[Stored records]
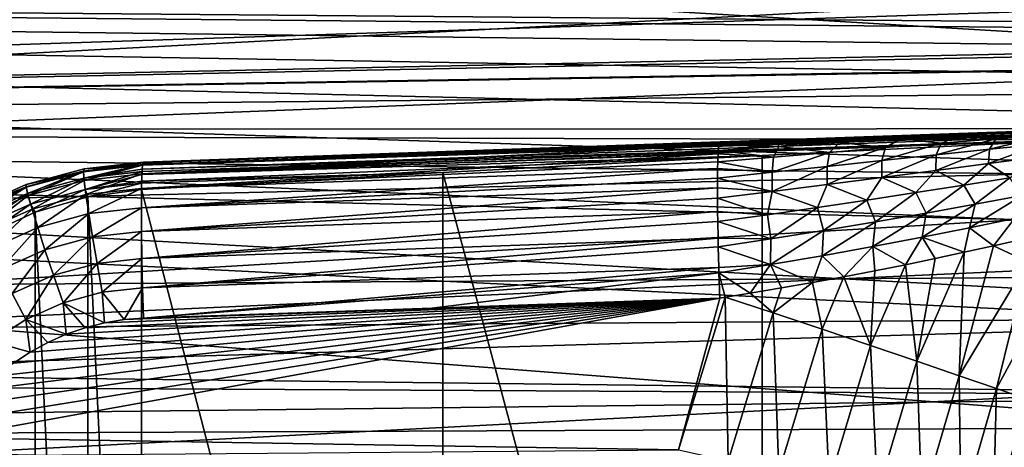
# Model space of a CAD drawing. Header units: millimetres. Extents: x -100 to 100, y -64 to 136.
# Tile 397 of 530: x -26.76 to -14.16, y 72.02 to 77.49. Entities that reach past the tile are written whole.
import ezdxf

# ---------------------------------------------------------------- set-up
doc = ezdxf.new("R2010")
doc.units = ezdxf.units.MM
doc.header["$LTSCALE"] = 159.143519
for name, color, linetype in [('1', 7, 'CONTINUOUS'), ('13', 7, 'CONTINUOUS'), ('14', 7, 'CONTINUOUS'), ('25', 7, 'CONTINUOUS'), ('26', 7, 'CONTINUOUS'), ('27', 7, 'CONTINUOUS'), ('28', 7, 'CONTINUOUS'), ('397', 7, 'CONTINUOUS'), ('407', 7, 'CONTINUOUS'), ('412', 7, 'CONTINUOUS'), ('413', 7, 'CONTINUOUS'), ('437', 7, 'CONTINUOUS'), ('51', 7, 'CONTINUOUS'), ('8', 7, 'CONTINUOUS')]:
    doc.layers.add(name, color=color, linetype=linetype)

msp = doc.modelspace()

# ---------------------------------------------------------------- linework, layer by layer
at = {"layer": '1', "color": 7, "linetype": 'CONTINUOUS', "true_color": 0x8c979c}
for points in [[(-27.551, 72.358, -11.914), (-27.686, 72.139, -11.919), (-17.802, 73.927, -11.574), (-27.551, 72.358, -11.914)], [(-17.802, 73.927, -11.574), (-27.686, 72.139, -11.919), (-18.33, 71.982, -11.592), (-17.802, 73.927, -11.574)], [(-27.398, 72.564, -11.909), (-27.551, 72.358, -11.914), (-17.802, 73.927, -11.574), (-27.398, 72.564, -11.909)], [(-27.228, 72.756, -11.903), (-27.398, 72.564, -11.909), (-17.802, 73.927, -11.574), (-27.228, 72.756, -11.903)], [(-27.042, 72.932, -11.897), (-27.228, 72.756, -11.903), (-17.802, 73.927, -11.574), (-27.042, 72.932, -11.897)], [(-26.841, 73.093, -11.89), (-27.042, 72.932, -11.897), (-17.802, 73.927, -11.574), (-26.841, 73.093, -11.89)], [(-26.627, 73.236, -11.882), (-26.841, 73.093, -11.89), (-17.802, 73.927, -11.574), (-26.627, 73.236, -11.882)], [(-26.402, 73.36, -11.874), (-26.627, 73.236, -11.882), (-17.802, 73.927, -11.574), (-26.402, 73.36, -11.874)], [(-26.167, 73.464, -11.866), (-26.402, 73.36, -11.874), (-17.802, 73.927, -11.574), (-26.167, 73.464, -11.866)], [(-25.924, 73.547, -11.858), (-26.167, 73.464, -11.866), (-17.802, 73.927, -11.574), (-25.924, 73.547, -11.858)], [(-25.676, 73.61, -11.849), (-25.924, 73.547, -11.858), (-17.802, 73.927, -11.574), (-25.676, 73.61, -11.849)], [(-25.425, 73.651, -11.84), (-25.676, 73.61, -11.849), (-17.802, 73.927, -11.574), (-25.425, 73.651, -11.84)], [(-17.802, 73.927, -11.574), (-21.488, 73.798, -11.703), (-25.425, 73.651, -11.84), (-17.802, 73.927, -11.574)], [(-25.174, 73.67, -11.831), (-25.425, 73.651, -11.84), (-21.488, 73.798, -11.703), (-25.174, 73.67, -11.831)], [(-27.686, 72.139, -11.919), (-27.803, 71.909, -11.923), (-18.33, 71.982, -11.592), (-27.686, 72.139, -11.919)]]:
    msp.add_3dface(points, dxfattribs=at)
at = {"layer": '13', "color": 7, "linetype": 'CONTINUOUS', "true_color": 0x8c979c}
for points in [[(-13.858, 74.389, -9.947), (-14.297, 74.597, -10.405), (-14.738, 72.933, -10.254), (-13.858, 74.389, -9.947)], [(-14.738, 72.933, -10.254), (-14.297, 74.597, -10.405), (-14.672, 74.513, -10.644), (-14.738, 72.933, -10.254)], [(-14.297, 74.597, -10.405), (-13.858, 74.389, -9.947), (-13.979, 74.67, -10.175), (-14.297, 74.597, -10.405)], [(-15.281, 73.118, -10.71), (-14.738, 72.933, -10.254), (-14.672, 74.513, -10.644), (-15.281, 73.118, -10.71)], [(-15.043, 74.433, -10.848), (-15.281, 73.118, -10.71), (-14.672, 74.513, -10.644), (-15.043, 74.433, -10.848)], [(-15.873, 73.318, -11.072), (-15.281, 73.118, -10.71), (-15.426, 74.354, -11.028), (-15.873, 73.318, -11.072)], [(-15.817, 74.277, -11.184), (-15.873, 73.318, -11.072), (-15.426, 74.354, -11.028), (-15.817, 74.277, -11.184)], [(-15.426, 74.354, -11.028), (-15.281, 73.118, -10.71), (-15.043, 74.433, -10.848), (-15.426, 74.354, -11.028)], [(-13.858, 74.389, -9.947), (-14.738, 72.933, -10.254), (-14.261, 72.768, -9.717), (-13.858, 74.389, -9.947)], [(-13.479, 74.207, -9.427), (-13.858, 74.389, -9.947), (-14.261, 72.768, -9.717), (-13.479, 74.207, -9.427)], [(-16.213, 74.201, -11.314), (-15.873, 73.318, -11.072), (-15.817, 74.277, -11.184), (-16.213, 74.201, -11.314)], [(-17.116, 73.736, -11.499), (-16.491, 73.527, -11.335), (-16.613, 74.128, -11.418), (-17.116, 73.736, -11.499)], [(-17.012, 74.058, -11.496), (-17.116, 73.736, -11.499), (-16.613, 74.128, -11.418), (-17.012, 74.058, -11.496)], [(-16.613, 74.128, -11.418), (-16.491, 73.527, -11.335), (-16.213, 74.201, -11.314), (-16.613, 74.128, -11.418)], [(-16.491, 73.527, -11.335), (-15.873, 73.318, -11.072), (-16.213, 74.201, -11.314), (-16.491, 73.527, -11.335)], [(-13.479, 74.207, -9.427), (-14.261, 72.768, -9.717), (-13.868, 72.631, -9.115), (-13.479, 74.207, -9.427)], [(-17.73, 73.939, -11.571), (-17.116, 73.736, -11.499), (-17.41, 73.991, -11.548), (-17.73, 73.939, -11.571)], [(-17.41, 73.991, -11.548), (-17.116, 73.736, -11.499), (-17.012, 74.058, -11.496), (-17.41, 73.991, -11.548)], [(-17.802, 73.927, -11.574), (-18.33, 71.982, -11.592), (-17.73, 73.939, -11.571), (-17.802, 73.927, -11.574)], [(-18.33, 71.982, -11.592), (-17.695, 71.845, -11.528), (-17.73, 73.939, -11.571), (-18.33, 71.982, -11.592)], [(-17.73, 73.939, -11.571), (-17.695, 71.845, -11.528), (-17.116, 73.736, -11.499), (-17.73, 73.939, -11.571)], [(-17.695, 71.845, -11.528), (-17.045, 71.704, -11.37), (-17.116, 73.736, -11.499), (-17.695, 71.845, -11.528)], [(-17.116, 73.736, -11.499), (-17.045, 71.704, -11.37), (-16.491, 73.527, -11.335), (-17.116, 73.736, -11.499)], [(-17.045, 71.704, -11.37), (-16.401, 71.564, -11.112), (-16.491, 73.527, -11.335), (-17.045, 71.704, -11.37)], [(-16.491, 73.527, -11.335), (-16.401, 71.564, -11.112), (-15.873, 73.318, -11.072), (-16.491, 73.527, -11.335)], [(-16.401, 71.564, -11.112), (-15.783, 71.428, -10.754), (-15.873, 73.318, -11.072), (-16.401, 71.564, -11.112)], [(-15.873, 73.318, -11.072), (-15.783, 71.428, -10.754), (-15.281, 73.118, -10.71), (-15.873, 73.318, -11.072)], [(-15.783, 71.428, -10.754), (-15.215, 71.302, -10.299), (-15.281, 73.118, -10.71), (-15.783, 71.428, -10.754)], [(-15.281, 73.118, -10.71), (-15.215, 71.302, -10.299), (-14.738, 72.933, -10.254), (-15.281, 73.118, -10.71)], [(-15.215, 71.302, -10.299), (-14.715, 71.191, -9.76), (-14.738, 72.933, -10.254), (-15.215, 71.302, -10.299)], [(-14.738, 72.933, -10.254), (-14.715, 71.191, -9.76), (-14.261, 72.768, -9.717), (-14.738, 72.933, -10.254)], [(-14.715, 71.191, -9.76), (-14.301, 71.097, -9.155), (-14.261, 72.768, -9.717), (-14.715, 71.191, -9.76)], [(-14.261, 72.768, -9.717), (-14.301, 71.097, -9.155), (-13.868, 72.631, -9.115), (-14.261, 72.768, -9.717)], [(-14.301, 71.097, -9.155), (-13.984, 71.024, -8.505), (-13.868, 72.631, -9.115), (-14.301, 71.097, -9.155)]]:
    msp.add_3dface(points, dxfattribs=at)
at = {"layer": '14', "color": 7, "linetype": 'CONTINUOUS', "true_color": 0x8c979c}
for points in [[(-15.582, 76.002, -13.088), (-16.265, 75.98, -13.369), (-16.326, 75.97, -13.209), (-15.582, 76.002, -13.088)], [(-15.582, 76.002, -13.088), (-16.326, 75.97, -13.209), (-16.268, 75.918, -12.865), (-15.582, 76.002, -13.088)], [(-15.49, 75.966, -12.723), (-15.582, 76.002, -13.088), (-16.268, 75.918, -12.865), (-15.49, 75.966, -12.723)], [(-15.756, 75.997, -13.234), (-16.265, 75.98, -13.369), (-15.582, 76.002, -13.088), (-15.756, 75.997, -13.234)], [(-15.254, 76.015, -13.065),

The problem: Every line above that includes the word "ezdxf" should be listed.

Written reply:
import ezdxf
doc = ezdxf.new("R2010")
doc.units = ezdxf.units.MM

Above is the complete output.